(WORKING DATA begins)

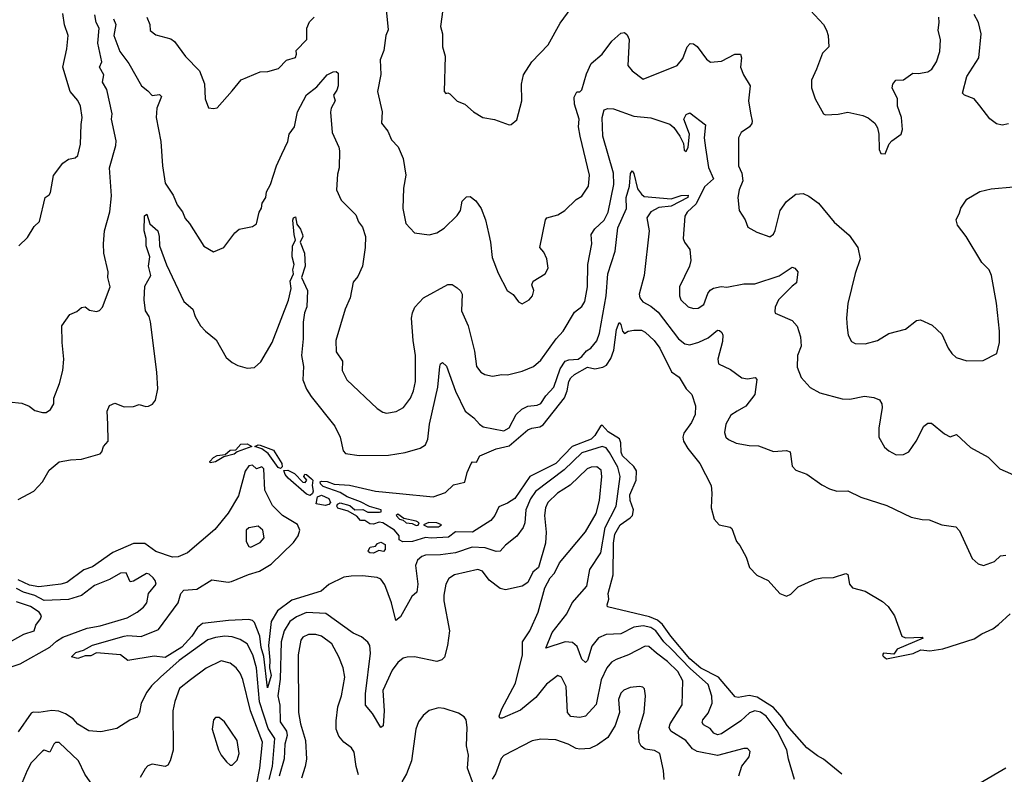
# Model space of a CAD drawing. Extents: x 1246230 to 1426786, y 660032 to 763141.
# Tile 323 of 566: x 1351693 to 1356986, y 706203 to 710261. Entities that reach past the tile are written whole.
import ezdxf

# ---------------------------------------------------------------- set-up
doc = ezdxf.new("R2010")
doc.units = 0

msp = doc.modelspace()

# ---------------------------------------------------------------- linework, layer by layer
at = {"layer": '0CON10XD'}
for points in [[(1351633.6, 708206.4), (1351705, 708198.9), (1351743.2, 708183.2), (1351775, 708160), (1351815, 708148), (1351835, 708148), (1351858.8, 708165), (1351876, 708195), (1351876.7, 708225), (1351906.4, 708303.6), (1351923.8, 708375), (1351929.6, 708435), (1351920.4, 708525), (1351920, 708615), (1351962, 708675), (1351999.1, 708690.9), (1352025, 708713.3), (1352045, 708716.2), (1352068.3, 708698.3), (1352105, 708691.2), (1352122.3, 708697.7), (1352138, 708715), (1352178.6, 708825), (1352165.7, 708875), (1352168.1, 708905), (1352145.5, 709005), (1352143.3, 709055), (1352148.5, 709125), (1352177.6, 709227.6), (1352186.3, 709313.7), (1352175.3, 709464.7), (1352210, 709585), (1352211.1, 709608.9), (1352185.6, 709725), (1352190.2, 709755), (1352161.1, 709885), (1352138.5, 709925), (1352145.6, 709965), (1352121.6, 710005), (1352134.3, 710035), (1352113.4, 710135), (1352120, 710215), (1352103.1, 710245), (1352096.7, 710286.7)], [(1351688.8, 709045), (1351735, 709088.8), (1351770.9, 709149.1), (1351800, 709175), (1351830, 709305), (1351851.2, 709318.8), (1351858.8, 709331.2), (1351875, 709422.5), (1351925, 709490), (1351955, 709510), (1351991.7, 709518.3), (1352005, 709530), (1352018.8, 709591.2), (1352022.4, 709697.6), (1352028.9, 709735), (1352020, 709795), (1352005, 709826.2), (1351963.3, 709875), (1351924, 710005), (1351946, 710105), (1351952.5, 710175), (1351933.6, 710233.6), (1351925.5, 710295)], [(1353662.7, 710315), (1353673.2, 710206.8), (1353660.9, 710175), (1353651.2, 710095), (1353630.8, 710045), (1353634.1, 709965.9), (1353615.7, 709875), (1353642, 709765), (1353637.8, 709705), (1353671.2, 709661.2), (1353692.5, 709615), (1353726.6, 709576.6), (1353754.4, 709515), (1353768.1, 709425), (1353755.5, 709355), (1353752.5, 709245), (1353768, 709165), (1353815, 709113.8), (1353895, 709103.8), (1353935, 709114.2), (1353975, 709140.6), (1354045, 709207.5), (1354061.9, 709235), (1354070.8, 709285), (1354095, 709308), (1354115, 709310), (1354145, 709286), (1354174.6, 709244.6), (1354196.7, 709185), (1354214.4, 709105), (1354224.5, 709064.5), (1354232, 708982), (1354265, 708897.5), (1354314.2, 708804.2), (1354345, 708782.5), (1354374.1, 708744.1), (1354395, 708732.5), (1354432.5, 708755), (1354450, 708775), (1354456.7, 708805), (1354446.7, 708835), (1354453.8, 708855), (1354518, 708895), (1354533.1, 708925), (1354527.5, 708975), (1354510.7, 709010.7), (1354489.2, 709035), (1354520, 709185), (1354527.5, 709195), (1354585, 709211.4), (1354623.8, 709235), (1354685, 709294.2), (1354715, 709312.5), (1354750, 709365), (1354755.5, 709425), (1354706.1, 709635), (1354697.5, 709685), (1354701.4, 709725), (1354676.1, 709806.1), (1354674.4, 709845), (1354687.7, 709872.3)], [(1353968.1, 710315), (1353955.7, 710225), (1353965.7, 710185), (1353966, 710115), (1353979.4, 710065), (1353974.4, 709874.4), (1353983.8, 709863.8), (1353995, 709867.5), (1354005, 709862.5), (1354045, 709822.5), (1354086.1, 709806.1), (1354132.5, 709765), (1354182.5, 709735), (1354245, 709723.8), (1354325, 709696.2), (1354335, 709696.7), (1354365, 709722.5), (1354392.5, 709825), (1354391.4, 709915), (1354401.4, 709965), (1354446, 710035), (1354534, 710125), (1354598, 710242), (1354657.4, 710322.6)], [(1355945, 710310), (1356013.8, 710235), (1356031.2, 710205), (1356040, 710175), (1356042.5, 710115), (1356009.3, 710080.7), (1355976.7, 709995), (1355948.8, 709935), (1355950, 709895), (1355970, 709835), (1356013.3, 709755), (1356025, 709750), (1356092.3, 709752.3), (1356145, 709763.8), (1356226.4, 709746.4), (1356253.6, 709733.6), (1356290, 709705), (1356305, 709680), (1356312.5, 709645), (1356313, 709563), (1356321.7, 709541.7), (1356345, 709540), (1356367.5, 709592.5), (1356380.7, 709609.3), (1356432.5, 709645), (1356438.8, 709671.2), (1356434.3, 709735), (1356411.2, 709795), (1356411.2, 709835), (1356384, 709895), (1356386.7, 709915), (1356403.9, 709936.1), (1356445, 709936.7), (1356495, 709972.5), (1356525, 709971.2), (1356575, 709981.2), (1356597.5, 709995), (1356621.2, 710035), (1356639.5, 710090.5), (1356642.7, 710152.7), (1356630.6, 710205), (1356636.9, 710245), (1356634.4, 710275)], [(1357009.2, 709700.8), (1356975, 709693.6), (1356945, 709701.4), (1356908.3, 709728.3), (1356855, 709797.5), (1356824.5, 709834.5), (1356772.5, 709855), (1356761.2, 709865), (1356784.6, 709955), (1356850, 710055), (1356861.1, 710185), (1356848.2, 710245), (1356825, 710288.1)], [(1352196.3, 710266.3), (1352209.1, 710235), (1352199.5, 710175), (1352230.4, 710090.4), (1352278.6, 710025), (1352347.1, 709905), (1352381.7, 709878.3), (1352405, 709854), (1352445, 709857.9), (1352455, 709847.5), (1352429.4, 709785), (1352427.3, 709735), (1352452.3, 709605), (1352460, 709475), (1352475, 709382), (1352517.9, 709317.9), (1352539.4, 709265), (1352567.4, 709227.4), (1352581.9, 709191.9), (1352605.6, 709165), (1352683.4, 709043.4), (1352735, 709013.3), (1352790, 709035), (1352848.8, 709115), (1352873.3, 709135), (1352945, 709148.8), (1352965, 709162.5), (1352980.8, 709225), (1352993.4, 709246.6), (1352997.1, 709275), (1353015.3, 709305), (1353018.9, 709335), (1353040.5, 709375), (1353073.1, 709475), (1353102.6, 709537.4), (1353134.6, 709605), (1353141.1, 709645), (1353170.5, 709685), (1353186.5, 709765), (1353235, 709856.2), (1353289.5, 709900.5), (1353345, 709963.8), (1353378.8, 709981.2), (1353395, 709982), (1353405, 709974), (1353405.7, 709904.3), (1353398.4, 709881.6), (1353379.2, 709855), (1353389.5, 709825), (1353368.1, 709785), (1353364.3, 709764.3), (1353372.9, 709655), (1353408.6, 709575), (1353412, 709555), (1353410, 709465), (1353400.5, 709429.5), (1353396, 709345), (1353420.7, 709290.7), (1353500.7, 709210.7), (1353515, 709173.8), (1353535.6, 709145), (1353551.9, 709095), (1353550.4, 709035), (1353535.5, 708934.5), (1353510.9, 708879.1), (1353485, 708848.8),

(WORKING DATA ends)

— EXERCISE —
Some lines in the data above hold the string "layer". Find and copy each of them.

— REPLY TO THE TASK —
# ---------------------------------------------------------------- linework, layer by layer
at = {"layer": '0CON10XD'}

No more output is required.